• **Exercise objective**
Your reply should hold only the lines from the one containing "Engineering drawing of a manufactured part. In" to the final line of the listing below, restated word for word.

• **Data supplied**
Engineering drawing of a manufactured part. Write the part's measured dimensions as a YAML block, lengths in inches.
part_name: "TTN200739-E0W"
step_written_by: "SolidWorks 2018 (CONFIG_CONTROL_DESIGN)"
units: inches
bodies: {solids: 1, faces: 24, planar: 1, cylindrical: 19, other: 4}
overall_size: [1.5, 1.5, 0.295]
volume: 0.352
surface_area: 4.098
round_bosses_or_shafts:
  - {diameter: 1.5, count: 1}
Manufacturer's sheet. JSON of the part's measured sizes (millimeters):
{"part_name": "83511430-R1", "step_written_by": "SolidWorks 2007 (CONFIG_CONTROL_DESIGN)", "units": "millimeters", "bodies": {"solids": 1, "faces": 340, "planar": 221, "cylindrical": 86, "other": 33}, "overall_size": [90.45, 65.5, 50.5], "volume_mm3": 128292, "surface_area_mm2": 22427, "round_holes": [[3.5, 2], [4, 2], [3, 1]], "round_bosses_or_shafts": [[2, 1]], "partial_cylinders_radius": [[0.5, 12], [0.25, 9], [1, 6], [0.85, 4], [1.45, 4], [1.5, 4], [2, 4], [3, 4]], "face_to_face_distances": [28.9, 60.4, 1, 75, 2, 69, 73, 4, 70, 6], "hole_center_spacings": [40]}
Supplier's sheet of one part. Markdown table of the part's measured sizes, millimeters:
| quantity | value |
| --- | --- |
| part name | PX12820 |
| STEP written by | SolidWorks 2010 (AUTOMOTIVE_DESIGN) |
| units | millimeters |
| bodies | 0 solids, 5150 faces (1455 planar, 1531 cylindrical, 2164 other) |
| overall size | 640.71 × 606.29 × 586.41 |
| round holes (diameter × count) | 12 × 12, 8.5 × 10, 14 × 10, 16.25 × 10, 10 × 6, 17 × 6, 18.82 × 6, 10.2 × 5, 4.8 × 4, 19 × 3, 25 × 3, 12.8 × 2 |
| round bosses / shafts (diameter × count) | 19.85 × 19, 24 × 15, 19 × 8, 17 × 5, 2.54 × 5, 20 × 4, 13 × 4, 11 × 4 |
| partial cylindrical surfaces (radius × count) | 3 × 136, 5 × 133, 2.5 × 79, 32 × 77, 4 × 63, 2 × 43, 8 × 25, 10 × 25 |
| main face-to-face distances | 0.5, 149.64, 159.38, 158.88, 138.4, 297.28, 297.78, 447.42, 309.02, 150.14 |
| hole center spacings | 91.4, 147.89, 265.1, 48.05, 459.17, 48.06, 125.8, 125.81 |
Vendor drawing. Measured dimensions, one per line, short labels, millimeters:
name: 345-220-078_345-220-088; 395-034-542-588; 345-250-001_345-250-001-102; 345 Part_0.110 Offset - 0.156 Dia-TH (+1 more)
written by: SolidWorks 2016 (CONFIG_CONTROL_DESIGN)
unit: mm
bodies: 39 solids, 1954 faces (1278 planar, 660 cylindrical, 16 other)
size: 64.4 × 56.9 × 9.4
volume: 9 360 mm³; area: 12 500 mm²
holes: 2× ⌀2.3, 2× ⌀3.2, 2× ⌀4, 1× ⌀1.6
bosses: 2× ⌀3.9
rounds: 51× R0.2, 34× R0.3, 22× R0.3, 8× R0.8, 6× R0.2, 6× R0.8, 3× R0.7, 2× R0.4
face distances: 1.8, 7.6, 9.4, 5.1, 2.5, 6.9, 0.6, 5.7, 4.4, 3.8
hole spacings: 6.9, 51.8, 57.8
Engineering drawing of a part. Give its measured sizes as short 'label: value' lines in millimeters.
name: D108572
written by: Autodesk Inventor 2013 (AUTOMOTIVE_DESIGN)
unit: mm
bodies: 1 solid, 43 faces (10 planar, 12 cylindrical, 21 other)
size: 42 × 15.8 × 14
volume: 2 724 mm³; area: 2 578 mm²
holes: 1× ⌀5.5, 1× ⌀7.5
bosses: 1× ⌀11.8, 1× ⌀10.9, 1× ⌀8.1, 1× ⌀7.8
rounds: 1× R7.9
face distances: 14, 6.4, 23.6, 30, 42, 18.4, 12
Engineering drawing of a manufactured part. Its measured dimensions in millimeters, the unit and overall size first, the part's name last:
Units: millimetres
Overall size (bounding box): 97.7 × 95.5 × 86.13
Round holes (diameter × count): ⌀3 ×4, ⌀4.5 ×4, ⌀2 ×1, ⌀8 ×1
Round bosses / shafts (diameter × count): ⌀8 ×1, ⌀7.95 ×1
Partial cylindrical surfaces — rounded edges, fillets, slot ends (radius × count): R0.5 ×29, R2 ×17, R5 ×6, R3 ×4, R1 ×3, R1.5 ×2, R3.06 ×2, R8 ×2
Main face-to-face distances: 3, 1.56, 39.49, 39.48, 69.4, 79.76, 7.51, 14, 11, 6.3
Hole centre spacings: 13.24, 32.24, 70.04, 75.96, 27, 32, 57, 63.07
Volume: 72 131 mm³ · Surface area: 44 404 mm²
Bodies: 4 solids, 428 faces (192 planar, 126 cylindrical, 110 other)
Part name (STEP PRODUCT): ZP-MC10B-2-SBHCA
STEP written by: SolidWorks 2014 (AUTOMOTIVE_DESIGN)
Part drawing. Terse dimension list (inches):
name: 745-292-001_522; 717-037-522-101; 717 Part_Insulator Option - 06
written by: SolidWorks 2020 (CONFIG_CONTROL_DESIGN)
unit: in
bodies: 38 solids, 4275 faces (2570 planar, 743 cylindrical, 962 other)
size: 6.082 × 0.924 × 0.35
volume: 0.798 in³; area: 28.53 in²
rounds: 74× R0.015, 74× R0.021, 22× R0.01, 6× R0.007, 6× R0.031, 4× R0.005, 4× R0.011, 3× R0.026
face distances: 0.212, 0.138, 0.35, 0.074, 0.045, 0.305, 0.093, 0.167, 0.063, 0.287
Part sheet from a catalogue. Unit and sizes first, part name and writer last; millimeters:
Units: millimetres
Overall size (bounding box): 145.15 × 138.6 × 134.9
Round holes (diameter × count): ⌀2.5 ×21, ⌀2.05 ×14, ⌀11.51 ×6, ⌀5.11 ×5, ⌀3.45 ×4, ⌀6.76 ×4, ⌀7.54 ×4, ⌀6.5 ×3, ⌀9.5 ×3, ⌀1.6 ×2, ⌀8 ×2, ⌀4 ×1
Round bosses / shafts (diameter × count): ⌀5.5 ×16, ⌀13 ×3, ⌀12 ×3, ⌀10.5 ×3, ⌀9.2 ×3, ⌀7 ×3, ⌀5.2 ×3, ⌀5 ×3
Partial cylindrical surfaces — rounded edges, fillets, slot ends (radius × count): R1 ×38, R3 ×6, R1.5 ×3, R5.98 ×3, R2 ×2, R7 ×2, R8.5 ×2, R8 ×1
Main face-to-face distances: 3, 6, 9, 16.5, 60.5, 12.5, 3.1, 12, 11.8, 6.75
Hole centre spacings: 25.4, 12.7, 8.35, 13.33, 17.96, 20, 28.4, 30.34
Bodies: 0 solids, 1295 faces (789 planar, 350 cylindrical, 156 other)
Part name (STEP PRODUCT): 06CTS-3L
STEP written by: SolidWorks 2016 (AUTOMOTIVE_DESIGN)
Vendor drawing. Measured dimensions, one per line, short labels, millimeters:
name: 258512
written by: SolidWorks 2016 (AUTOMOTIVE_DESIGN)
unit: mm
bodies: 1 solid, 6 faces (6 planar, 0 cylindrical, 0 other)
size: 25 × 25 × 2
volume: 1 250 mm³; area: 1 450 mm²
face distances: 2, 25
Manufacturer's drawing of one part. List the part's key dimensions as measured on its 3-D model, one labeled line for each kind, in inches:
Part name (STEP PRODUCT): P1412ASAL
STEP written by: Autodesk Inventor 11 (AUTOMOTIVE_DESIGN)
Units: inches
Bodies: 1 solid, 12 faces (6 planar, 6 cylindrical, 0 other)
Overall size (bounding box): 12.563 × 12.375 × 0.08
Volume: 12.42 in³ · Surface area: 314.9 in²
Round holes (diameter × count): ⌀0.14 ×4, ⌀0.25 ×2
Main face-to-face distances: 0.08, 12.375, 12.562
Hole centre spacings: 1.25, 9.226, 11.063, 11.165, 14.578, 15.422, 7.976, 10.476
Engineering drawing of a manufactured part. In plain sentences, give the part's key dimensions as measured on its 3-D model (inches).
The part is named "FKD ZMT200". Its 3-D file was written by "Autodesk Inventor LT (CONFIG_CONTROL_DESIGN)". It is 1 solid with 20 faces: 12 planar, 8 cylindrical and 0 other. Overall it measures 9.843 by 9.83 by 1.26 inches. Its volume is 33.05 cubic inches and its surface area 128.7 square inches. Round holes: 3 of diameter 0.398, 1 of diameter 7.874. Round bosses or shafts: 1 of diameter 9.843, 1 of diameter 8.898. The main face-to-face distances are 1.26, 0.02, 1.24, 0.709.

• **Result for this exercise**
Engineering drawing of a manufactured part. In plain sentences, give the part's key dimensions as measured on its 3-D model (inches).
The part is named "FKD ZMT200". Its 3-D file was written by "Autodesk Inventor LT (CONFIG_CONTROL_DESIGN)". It is 1 solid with 20 faces: 12 planar, 8 cylindrical and 0 other. Overall it measures 9.843 by 9.83 by 1.26 inches. Its volume is 33.05 cubic inches and its surface area 128.7 square inches. Round holes: 3 of diameter 0.398, 1 of diameter 7.874. Round bosses or shafts: 1 of diameter 9.843, 1 of diameter 8.898. The main face-to-face distances are 1.26, 0.02, 1.24, 0.709.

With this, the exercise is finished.